I get nice results of step detection.
I use achartengine to plot accelerometer data.
Take a look here.
What I do:
Analysis of magnitude vector for accelerometer sensor.
Setting a changeable threshold level. When signal from accelerometer is above it I count it as a step.
Setting the time of inactive state (for step detection) after first crossing of the threshold.
Point 3. is calculated:
arbitrary setting the maximum tempo of our walking (e.g. 120bpm)
if 60bpm - 1000msec per step, then 120bpm - 500msec per step
accelerometer passes data with certain desired frequency (SENSOR_DELAY_NORMAL, SENSOR_DELAY_GAME, etc.). When DELAY_GAME: T ~= 20ms (this is included in Android documentation)
n - samples to omit (after passing the threshold)
n = 500msec / T
n = 500 / 20 = 25 (plenty of them.
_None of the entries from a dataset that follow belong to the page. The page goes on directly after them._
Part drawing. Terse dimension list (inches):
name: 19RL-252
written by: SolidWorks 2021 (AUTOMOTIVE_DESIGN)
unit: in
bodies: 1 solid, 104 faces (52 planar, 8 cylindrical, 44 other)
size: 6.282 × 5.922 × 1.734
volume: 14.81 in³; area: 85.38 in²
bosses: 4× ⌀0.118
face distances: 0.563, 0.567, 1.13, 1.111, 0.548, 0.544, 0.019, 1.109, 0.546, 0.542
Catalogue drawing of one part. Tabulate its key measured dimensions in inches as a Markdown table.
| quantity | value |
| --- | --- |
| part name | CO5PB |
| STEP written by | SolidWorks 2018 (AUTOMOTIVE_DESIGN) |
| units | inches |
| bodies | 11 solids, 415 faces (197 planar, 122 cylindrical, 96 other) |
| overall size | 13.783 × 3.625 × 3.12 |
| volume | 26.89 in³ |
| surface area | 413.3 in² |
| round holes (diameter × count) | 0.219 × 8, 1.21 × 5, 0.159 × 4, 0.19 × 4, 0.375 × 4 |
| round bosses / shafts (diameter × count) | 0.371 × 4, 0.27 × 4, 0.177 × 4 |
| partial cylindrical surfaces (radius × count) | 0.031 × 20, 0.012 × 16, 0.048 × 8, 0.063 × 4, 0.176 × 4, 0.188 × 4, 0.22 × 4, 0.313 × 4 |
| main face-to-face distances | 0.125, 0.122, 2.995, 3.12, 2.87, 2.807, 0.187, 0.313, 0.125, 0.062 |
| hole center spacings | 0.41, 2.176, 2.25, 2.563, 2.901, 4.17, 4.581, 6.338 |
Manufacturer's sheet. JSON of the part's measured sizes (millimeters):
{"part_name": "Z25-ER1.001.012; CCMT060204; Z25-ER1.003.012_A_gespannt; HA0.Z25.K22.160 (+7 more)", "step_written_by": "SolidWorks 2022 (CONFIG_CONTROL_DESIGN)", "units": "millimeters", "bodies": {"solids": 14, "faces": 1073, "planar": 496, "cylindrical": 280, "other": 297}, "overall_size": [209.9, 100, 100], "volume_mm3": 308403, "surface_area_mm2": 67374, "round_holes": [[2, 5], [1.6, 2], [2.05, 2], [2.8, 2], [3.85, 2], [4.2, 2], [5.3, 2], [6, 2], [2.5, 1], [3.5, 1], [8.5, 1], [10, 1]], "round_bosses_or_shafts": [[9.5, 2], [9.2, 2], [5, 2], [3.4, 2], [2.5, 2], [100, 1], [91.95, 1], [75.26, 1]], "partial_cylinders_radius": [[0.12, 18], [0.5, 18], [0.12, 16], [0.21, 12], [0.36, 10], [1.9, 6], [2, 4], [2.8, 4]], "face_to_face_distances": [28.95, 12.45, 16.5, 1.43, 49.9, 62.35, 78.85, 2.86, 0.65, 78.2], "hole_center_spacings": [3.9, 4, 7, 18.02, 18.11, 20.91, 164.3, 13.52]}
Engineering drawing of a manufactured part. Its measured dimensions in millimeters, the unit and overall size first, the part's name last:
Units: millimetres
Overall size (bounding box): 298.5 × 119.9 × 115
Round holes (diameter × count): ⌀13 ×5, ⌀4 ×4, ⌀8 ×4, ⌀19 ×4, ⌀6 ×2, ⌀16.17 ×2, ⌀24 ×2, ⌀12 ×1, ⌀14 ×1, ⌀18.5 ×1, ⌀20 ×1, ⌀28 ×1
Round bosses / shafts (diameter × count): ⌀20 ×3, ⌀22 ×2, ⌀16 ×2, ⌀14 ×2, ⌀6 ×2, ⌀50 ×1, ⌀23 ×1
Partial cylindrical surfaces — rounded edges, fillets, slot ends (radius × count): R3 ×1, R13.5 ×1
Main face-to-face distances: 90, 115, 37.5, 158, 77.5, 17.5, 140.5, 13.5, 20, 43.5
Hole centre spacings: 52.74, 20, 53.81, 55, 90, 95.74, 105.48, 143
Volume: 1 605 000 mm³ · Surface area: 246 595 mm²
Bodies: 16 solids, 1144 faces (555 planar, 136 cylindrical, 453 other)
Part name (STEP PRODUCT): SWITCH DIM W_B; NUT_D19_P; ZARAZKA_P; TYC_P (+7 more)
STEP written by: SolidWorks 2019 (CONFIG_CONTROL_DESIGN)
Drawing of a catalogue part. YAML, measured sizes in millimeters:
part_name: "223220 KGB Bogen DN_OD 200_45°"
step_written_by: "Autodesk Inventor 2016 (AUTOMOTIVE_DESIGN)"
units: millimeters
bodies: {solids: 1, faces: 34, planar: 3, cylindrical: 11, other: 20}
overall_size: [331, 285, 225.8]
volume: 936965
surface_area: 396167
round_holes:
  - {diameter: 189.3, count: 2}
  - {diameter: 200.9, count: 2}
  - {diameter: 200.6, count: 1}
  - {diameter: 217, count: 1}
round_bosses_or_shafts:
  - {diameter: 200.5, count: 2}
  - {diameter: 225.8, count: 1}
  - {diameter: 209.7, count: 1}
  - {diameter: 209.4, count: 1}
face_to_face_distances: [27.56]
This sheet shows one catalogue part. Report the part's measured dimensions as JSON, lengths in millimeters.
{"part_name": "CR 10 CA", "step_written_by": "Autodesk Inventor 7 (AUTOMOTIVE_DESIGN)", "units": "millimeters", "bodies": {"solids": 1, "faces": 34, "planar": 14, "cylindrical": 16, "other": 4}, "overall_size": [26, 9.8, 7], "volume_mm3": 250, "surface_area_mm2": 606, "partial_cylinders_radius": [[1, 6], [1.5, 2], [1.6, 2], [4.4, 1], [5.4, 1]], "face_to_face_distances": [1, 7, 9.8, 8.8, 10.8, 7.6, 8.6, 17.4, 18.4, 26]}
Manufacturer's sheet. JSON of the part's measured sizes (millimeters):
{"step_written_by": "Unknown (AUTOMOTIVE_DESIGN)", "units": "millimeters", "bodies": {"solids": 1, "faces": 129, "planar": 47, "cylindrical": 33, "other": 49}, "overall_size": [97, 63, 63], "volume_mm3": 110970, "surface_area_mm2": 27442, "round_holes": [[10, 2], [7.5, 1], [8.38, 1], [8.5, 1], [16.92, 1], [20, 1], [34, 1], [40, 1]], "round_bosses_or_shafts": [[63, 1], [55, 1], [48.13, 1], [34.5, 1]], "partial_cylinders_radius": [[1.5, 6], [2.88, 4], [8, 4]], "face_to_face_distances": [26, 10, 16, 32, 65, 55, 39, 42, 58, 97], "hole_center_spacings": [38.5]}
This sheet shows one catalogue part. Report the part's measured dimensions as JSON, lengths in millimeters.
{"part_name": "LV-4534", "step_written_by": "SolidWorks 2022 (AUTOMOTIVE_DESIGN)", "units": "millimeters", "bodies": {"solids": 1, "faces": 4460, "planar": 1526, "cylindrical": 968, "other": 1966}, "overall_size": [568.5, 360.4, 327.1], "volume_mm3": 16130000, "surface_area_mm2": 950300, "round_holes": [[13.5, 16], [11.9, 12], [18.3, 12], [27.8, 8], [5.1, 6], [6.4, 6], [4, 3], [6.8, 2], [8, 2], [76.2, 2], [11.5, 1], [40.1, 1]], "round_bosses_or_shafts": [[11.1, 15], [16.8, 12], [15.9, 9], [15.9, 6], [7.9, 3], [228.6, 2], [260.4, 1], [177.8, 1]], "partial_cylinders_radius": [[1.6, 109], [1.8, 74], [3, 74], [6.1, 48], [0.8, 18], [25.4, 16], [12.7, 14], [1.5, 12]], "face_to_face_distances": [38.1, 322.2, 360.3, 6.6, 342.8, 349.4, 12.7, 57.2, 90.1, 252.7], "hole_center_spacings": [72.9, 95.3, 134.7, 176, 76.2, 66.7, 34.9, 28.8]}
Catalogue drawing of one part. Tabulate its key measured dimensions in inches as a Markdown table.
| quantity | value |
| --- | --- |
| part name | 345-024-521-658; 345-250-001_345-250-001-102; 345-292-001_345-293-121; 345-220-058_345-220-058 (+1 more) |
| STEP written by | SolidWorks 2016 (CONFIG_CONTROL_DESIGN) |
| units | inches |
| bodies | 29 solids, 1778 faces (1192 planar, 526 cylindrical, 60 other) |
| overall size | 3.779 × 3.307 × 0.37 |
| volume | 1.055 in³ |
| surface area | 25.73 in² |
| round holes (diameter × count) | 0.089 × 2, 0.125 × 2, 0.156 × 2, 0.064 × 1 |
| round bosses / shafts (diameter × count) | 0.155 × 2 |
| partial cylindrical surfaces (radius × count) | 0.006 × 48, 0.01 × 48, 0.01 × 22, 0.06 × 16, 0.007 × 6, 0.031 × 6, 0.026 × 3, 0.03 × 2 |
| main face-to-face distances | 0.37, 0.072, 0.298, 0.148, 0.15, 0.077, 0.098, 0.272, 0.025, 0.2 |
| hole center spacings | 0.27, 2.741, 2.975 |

You can adjust this value).
after that, the threshold becomes active.
Take a look at this picture:
This is my realization. It was written about 1.5-2 years ago. And I really don't remember all this stuff that I wrote. But it worked. And it worked good for my needs.
I know that this is really big class (some methods are deleted), but may be it will be helpful. If not, I'll just remove this answer...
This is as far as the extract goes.